## What you will do
Go through the data and copy each line where the string "node" appears.

··· Information

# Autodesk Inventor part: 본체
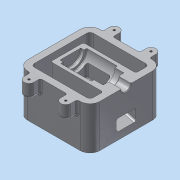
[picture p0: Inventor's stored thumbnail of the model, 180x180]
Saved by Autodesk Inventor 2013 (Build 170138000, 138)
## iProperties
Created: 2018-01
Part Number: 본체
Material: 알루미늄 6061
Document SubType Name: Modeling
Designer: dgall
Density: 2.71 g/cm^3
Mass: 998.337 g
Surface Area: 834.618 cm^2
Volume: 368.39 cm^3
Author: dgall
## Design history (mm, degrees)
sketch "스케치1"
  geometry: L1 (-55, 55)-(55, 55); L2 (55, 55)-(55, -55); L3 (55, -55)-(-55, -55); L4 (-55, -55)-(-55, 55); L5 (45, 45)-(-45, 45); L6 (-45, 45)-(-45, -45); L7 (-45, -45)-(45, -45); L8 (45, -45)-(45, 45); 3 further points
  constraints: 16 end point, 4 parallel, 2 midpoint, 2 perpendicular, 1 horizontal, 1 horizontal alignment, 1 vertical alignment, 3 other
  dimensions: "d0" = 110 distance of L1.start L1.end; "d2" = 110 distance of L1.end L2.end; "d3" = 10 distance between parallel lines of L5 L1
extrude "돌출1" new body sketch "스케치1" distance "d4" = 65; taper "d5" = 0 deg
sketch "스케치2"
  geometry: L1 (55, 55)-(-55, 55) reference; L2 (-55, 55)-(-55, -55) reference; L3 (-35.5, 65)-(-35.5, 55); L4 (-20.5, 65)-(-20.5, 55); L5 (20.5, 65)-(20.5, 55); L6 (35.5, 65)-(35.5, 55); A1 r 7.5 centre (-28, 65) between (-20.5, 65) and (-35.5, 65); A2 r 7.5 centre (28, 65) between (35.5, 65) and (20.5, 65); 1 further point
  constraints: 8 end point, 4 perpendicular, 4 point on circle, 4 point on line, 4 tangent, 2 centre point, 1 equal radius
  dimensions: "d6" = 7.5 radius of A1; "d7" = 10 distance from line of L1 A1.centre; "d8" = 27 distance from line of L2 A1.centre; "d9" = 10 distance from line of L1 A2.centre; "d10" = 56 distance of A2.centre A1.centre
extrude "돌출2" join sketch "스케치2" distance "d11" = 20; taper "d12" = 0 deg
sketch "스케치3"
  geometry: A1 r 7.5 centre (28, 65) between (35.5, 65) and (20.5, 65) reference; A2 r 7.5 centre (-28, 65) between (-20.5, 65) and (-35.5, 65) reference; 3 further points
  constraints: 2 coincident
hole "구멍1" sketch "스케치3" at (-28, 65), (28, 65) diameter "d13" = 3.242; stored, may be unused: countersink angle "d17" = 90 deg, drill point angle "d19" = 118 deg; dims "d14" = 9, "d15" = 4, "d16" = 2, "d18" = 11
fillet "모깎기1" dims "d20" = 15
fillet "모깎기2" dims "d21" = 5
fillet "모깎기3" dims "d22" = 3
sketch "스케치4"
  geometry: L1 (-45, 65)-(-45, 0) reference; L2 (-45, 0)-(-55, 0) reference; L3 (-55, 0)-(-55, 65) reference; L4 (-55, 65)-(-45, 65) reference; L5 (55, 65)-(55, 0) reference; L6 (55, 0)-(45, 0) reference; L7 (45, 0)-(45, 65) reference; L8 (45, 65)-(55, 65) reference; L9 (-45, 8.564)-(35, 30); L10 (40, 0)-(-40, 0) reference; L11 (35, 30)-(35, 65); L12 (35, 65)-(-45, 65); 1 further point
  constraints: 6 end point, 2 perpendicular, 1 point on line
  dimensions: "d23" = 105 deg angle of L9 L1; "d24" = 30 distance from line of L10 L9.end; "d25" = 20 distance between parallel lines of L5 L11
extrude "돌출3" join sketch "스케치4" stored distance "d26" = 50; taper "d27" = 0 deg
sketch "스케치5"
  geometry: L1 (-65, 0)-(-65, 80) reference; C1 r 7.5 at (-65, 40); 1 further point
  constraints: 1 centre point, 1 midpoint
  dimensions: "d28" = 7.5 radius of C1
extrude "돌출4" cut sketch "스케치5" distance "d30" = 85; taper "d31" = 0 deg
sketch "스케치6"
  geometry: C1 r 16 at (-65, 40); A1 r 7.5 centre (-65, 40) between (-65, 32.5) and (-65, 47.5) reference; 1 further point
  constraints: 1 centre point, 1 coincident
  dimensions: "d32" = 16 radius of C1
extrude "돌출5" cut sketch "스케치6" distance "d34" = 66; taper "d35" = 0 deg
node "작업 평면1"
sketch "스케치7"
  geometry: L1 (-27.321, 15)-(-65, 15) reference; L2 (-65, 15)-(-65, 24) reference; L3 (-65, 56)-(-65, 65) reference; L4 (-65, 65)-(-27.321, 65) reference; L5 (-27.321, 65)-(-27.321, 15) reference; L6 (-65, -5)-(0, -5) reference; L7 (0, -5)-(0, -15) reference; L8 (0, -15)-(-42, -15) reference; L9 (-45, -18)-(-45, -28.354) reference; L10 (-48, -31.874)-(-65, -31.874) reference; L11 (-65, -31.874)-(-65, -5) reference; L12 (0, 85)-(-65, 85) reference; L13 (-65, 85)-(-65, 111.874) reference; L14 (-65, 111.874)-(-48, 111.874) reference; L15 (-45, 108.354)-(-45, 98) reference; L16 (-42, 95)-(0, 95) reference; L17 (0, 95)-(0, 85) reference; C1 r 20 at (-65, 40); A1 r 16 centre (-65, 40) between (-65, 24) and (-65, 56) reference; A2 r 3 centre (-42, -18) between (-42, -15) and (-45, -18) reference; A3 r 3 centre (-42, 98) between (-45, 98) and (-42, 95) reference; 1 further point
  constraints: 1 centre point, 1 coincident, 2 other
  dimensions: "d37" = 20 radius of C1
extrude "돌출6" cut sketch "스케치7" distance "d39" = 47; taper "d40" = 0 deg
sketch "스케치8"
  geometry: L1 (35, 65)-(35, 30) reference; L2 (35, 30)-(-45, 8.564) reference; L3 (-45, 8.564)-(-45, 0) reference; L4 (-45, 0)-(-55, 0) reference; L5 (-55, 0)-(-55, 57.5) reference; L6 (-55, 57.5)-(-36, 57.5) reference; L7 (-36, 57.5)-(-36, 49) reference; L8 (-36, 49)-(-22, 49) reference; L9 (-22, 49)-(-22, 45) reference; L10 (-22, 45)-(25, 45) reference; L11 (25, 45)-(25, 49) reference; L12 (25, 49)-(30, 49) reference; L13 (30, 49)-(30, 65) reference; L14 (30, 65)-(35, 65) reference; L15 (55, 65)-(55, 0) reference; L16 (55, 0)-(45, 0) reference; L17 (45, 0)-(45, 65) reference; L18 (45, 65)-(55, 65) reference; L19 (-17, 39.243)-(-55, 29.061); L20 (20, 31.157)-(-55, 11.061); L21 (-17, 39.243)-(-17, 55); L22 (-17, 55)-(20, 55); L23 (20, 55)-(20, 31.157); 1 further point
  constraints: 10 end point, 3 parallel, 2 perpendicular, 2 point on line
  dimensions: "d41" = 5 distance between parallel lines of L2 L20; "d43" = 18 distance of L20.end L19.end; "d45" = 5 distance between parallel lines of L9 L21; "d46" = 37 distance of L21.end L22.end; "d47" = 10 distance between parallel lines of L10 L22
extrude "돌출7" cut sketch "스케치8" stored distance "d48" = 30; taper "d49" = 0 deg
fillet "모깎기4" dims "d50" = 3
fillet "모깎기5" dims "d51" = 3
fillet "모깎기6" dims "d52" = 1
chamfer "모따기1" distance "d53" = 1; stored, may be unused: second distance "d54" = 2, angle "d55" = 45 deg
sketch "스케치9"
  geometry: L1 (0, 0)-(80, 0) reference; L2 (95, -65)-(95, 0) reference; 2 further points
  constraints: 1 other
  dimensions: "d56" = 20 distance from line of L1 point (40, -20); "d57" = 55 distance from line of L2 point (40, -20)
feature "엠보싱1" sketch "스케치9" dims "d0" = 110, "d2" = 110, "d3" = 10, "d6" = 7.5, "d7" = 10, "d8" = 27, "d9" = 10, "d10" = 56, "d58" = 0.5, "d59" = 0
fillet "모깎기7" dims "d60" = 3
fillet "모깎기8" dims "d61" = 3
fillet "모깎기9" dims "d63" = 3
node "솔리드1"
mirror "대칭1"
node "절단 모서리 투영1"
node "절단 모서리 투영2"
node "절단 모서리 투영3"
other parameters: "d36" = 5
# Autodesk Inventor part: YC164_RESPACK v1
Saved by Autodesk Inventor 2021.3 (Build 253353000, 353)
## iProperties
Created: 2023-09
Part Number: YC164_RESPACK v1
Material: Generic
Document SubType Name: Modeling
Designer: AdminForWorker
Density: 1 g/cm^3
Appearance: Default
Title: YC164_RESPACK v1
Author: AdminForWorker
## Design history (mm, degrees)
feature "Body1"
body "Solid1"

······

## Answer to this exercise
node "작업 평면1"
node "솔리드1"
node "절단 모서리 투영1"
node "절단 모서리 투영2"
node "절단 모서리 투영3"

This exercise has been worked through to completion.